Throughput for each clinic clearly demonstrates how the process improved over the course of the outbreak. At the first vaccine event on February 22nd, 17 inmates were vaccinated over the course of 120 minutes (7.1 mins/inmate). The vaccination event on April 12th saw 15 inmates in 90 minutes (6.0 mins/inmate). The mass vaccination clinic on August 23rd had the best throughput, with 195 vaccines administered in 150 minutes (45 seconds/inmate).
The internal HAV team met weekly throughout the outbreak, beginning in February 2018. At these weekly meetings, the nurse administrator and epidemiologist would share lessons learned from recent vaccination events at BCDC and solicit feedback from members of the team. KDPH and neighboring LHDs also provided guidance and feedback throughout the outbreak response.

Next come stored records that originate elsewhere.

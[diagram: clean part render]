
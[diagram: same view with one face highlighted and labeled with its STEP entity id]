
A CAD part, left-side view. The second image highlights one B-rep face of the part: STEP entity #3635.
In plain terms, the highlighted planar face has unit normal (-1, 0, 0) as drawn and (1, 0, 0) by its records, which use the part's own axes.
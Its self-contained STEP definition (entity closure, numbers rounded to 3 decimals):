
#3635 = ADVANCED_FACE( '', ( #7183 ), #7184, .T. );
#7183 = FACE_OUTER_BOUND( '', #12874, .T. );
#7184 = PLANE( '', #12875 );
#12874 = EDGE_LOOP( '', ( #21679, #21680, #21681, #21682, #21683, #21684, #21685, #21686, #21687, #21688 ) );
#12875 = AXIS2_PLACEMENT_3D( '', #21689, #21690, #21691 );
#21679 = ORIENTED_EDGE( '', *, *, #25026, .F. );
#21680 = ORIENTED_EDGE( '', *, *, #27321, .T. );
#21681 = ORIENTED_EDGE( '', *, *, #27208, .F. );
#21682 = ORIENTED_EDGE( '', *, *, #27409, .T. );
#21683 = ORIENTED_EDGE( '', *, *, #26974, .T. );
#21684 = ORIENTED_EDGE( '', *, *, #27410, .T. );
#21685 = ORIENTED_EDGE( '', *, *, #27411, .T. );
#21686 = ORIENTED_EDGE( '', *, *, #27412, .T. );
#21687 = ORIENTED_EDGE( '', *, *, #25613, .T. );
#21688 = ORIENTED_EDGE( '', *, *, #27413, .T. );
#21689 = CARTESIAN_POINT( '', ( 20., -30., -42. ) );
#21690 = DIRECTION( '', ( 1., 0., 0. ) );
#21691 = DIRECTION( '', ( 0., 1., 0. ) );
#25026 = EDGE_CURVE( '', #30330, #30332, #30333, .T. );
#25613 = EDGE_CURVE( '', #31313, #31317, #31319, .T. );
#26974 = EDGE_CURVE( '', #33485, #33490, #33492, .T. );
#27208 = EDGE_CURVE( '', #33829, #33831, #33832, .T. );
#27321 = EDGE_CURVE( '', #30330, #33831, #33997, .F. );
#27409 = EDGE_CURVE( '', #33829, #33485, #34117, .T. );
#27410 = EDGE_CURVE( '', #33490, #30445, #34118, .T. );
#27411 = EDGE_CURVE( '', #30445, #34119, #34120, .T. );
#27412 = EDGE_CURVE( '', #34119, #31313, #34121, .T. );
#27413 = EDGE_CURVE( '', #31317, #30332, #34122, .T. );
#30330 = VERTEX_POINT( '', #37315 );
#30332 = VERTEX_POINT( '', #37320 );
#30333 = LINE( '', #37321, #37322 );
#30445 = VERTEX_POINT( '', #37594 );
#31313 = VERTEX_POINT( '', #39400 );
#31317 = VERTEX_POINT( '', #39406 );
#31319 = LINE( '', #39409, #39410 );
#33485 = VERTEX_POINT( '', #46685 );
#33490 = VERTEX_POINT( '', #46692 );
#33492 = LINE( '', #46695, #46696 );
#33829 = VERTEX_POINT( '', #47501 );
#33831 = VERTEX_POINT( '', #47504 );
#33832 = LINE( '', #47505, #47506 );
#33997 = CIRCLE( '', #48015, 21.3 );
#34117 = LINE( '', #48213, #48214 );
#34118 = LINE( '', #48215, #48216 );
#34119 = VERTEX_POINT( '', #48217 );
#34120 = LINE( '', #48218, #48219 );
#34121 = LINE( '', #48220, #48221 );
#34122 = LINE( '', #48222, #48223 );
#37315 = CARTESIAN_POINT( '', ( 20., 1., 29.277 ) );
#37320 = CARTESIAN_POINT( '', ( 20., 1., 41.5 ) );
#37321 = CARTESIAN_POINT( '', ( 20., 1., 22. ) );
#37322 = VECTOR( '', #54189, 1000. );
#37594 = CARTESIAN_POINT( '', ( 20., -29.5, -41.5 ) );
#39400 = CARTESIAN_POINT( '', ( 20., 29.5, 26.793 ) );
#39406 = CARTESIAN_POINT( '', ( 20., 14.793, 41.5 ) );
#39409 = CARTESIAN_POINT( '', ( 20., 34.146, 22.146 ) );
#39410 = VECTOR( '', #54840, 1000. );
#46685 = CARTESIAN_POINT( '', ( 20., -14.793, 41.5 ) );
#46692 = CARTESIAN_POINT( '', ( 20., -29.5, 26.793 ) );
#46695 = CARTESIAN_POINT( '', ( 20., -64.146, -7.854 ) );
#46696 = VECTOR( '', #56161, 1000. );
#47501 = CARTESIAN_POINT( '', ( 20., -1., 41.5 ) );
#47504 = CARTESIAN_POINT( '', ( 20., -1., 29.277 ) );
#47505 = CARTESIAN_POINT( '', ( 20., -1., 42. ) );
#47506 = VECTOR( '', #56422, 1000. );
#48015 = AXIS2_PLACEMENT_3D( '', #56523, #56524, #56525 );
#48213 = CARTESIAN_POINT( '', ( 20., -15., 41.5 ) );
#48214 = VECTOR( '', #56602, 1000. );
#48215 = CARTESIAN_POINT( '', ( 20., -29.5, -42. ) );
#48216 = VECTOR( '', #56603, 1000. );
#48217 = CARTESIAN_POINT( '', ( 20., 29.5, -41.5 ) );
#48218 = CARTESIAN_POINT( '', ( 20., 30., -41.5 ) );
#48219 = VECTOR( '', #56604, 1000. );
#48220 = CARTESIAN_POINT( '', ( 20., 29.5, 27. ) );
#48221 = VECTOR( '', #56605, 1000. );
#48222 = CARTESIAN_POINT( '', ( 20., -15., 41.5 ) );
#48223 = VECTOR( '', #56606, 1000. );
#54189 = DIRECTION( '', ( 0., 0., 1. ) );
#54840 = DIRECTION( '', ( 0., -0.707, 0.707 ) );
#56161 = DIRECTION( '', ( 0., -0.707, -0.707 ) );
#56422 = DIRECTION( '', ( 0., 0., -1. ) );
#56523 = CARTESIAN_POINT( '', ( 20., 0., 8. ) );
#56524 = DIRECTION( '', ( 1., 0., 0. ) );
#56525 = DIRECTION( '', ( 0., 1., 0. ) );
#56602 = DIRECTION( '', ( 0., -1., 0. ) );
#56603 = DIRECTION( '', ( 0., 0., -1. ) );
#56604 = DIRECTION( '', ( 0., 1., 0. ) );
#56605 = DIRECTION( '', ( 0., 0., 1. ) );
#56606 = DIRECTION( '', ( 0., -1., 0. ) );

Conversations between BCDC operations and medical staff were ongoing and allowed for improvements to the process. For example, prior to the large-scale mass vaccination clinic, members of the internal HAV team suggested prefilling PEFs with relevant demographic information provided by BCDC, to cut down on the amount of time spent completing these forms on site. With these prefilled forms, inmates were only required to verify their correctness and sign the HIPAA/VIS statements. Following the first clinic in February, the LHD also identified an improvement that could be made to speed up the process once on site. The LHD would now send a final vaccination list to BCDC the day before the clinic, so those inmates in need of vaccination could be pulled and ready for LHD staff when they arrived.
Our four objectives for this program were all achieved. Objective one saw the establishment of a strong, working relationship with our local correctional facility which will benefit the community during this outbreak and in future outbreaks. For objective two, the expertise and knowledge of the LHD was shared with BCDC staff in regards to HAV transmission and disinfection strategies to decrease the spread of HAV within the facility. BCDC staff are now aware of HAV isolation protocols, and this knowledge can easily be applied to other infectious diseases. Contact identification and the creation of a line list will also be beneficial if there is an additional outbreak at the facility and will lead to a speedier response by the LHD and BCDC. For the final objective, vaccine administration to inmates at BCDC has led to no documented secondary spread within the facility. Additionally, the number of cases currently or recently incarcerated at BCDC dropped significantly by late summer 2018.